The listing below has to be output exactly as given, less its pictures.
**********
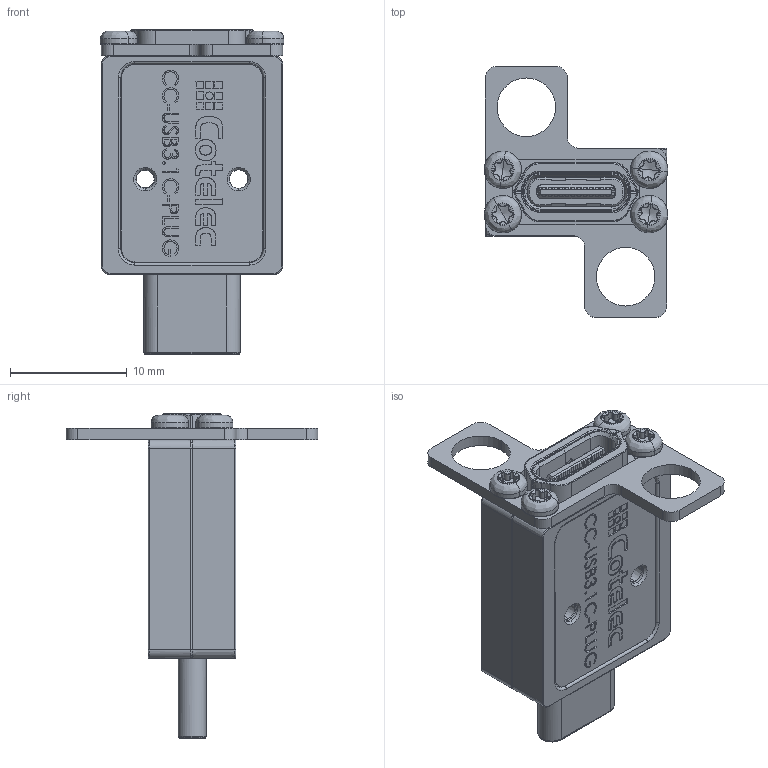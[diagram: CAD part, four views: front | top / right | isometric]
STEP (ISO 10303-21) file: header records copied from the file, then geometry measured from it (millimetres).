
FILE_DESCRIPTION (( 'STEP AP214' ), '1' );
FILE_NAME ('USB-C - ARF 198 008 USB C.STEP', '2024-07-10T13:02:58', ( '' ), ( '' ), 'SwSTEP 2.0', 'SolidWorks 2015', '' );
FILE_SCHEMA (( 'AUTOMOTIVE_DESIGN' ));
Length unit declared in the file: millimetre
Products named in the file (11): Type-C Male; Type-C femelle; 8124_106; Vis M1.6x4; 8124_109; USB-C - ARF 198 008 USB C; 8124_105; 8124_108; 8124_003_USB-C; 8124_072-B USB type C; 8124_103
Assembly tree (13 placements, depth 3):
  USB-C - ARF 198 008 USB C
    8124_103
    8124_003_USB-C
      Type-C Male
      Type-C femelle
      8124_072-B USB type C
    8124_106
    8124_108
    8124_105
    Vis M1.6x4  x4
    8124_109
Bounding box: 15.72 x 21.5 x 27.74 mm (x, y, z)
Volume: 1750.9 mm3; surface area: 5900.4 mm2
Topology: 13 solids, 20 shells, 5649 faces, 15407 edges, 9797 vertices
Faces by surface type: plane 2613, cylinder 1984, bspline 674, cone 158, torus 127, sphere 93
Entity records: 195450 total; most frequent: CARTESIAN_POINT 62956, ORIENTED_EDGE 29426, DIRECTION 25175, EDGE_CURVE 14713, VERTEX_POINT 9455, LINE 8981, VECTOR 8981, AXIS2_PLACEMENT_3D 8097
**********
• ANSWER SPACE
[diagram: CAD part, four views: front | top / right | isometric]
STEP (ISO 10303-21) file: header records copied from the file, then geometry measured from it (millimetres).
FILE_DESCRIPTION (( 'STEP AP214' ), '1' );
FILE_NAME ('USB-C - ARF 198 008 USB C.STEP', '2024-07-10T13:02:58', ( '' ), ( '' ), 'SwSTEP 2.0', 'SolidWorks 2015', '' );
FILE_SCHEMA (( 'AUTOMOTIVE_DESIGN' ));
Length unit declared in the file: millimetre
Products named in the file (11): Type-C Male; Type-C femelle; 8124_106; Vis M1.6x4; 8124_109; USB-C - ARF 198 008 USB C; 8124_105; 8124_108; 8124_003_USB-C; 8124_072-B USB type C; 8124_103
Assembly tree (13 placements, depth 3):
  USB-C - ARF 198 008 USB C
    8124_103
    8124_003_USB-C
      Type-C Male
      Type-C femelle
      8124_072-B USB type C
    8124_106
    8124_108
    8124_105
    Vis M1.6x4  x4
    8124_109
Bounding box: 15.72 x 21.5 x 27.74 mm (x, y, z)
Volume: 1750.9 mm3; surface area: 5900.4 mm2
Topology: 13 solids, 20 shells, 5649 faces, 15407 edges, 9797 vertices
Faces by surface type: plane 2613, cylinder 1984, bspline 674, cone 158, torus 127, sphere 93
Entity records: 195450 total; most frequent: CARTESIAN_POINT 62956, ORIENTED_EDGE 29426, DIRECTION 25175, EDGE_CURVE 14713, VERTEX_POINT 9455, LINE 8981, VECTOR 8981, AXIS2_PLACEMENT_3D 8097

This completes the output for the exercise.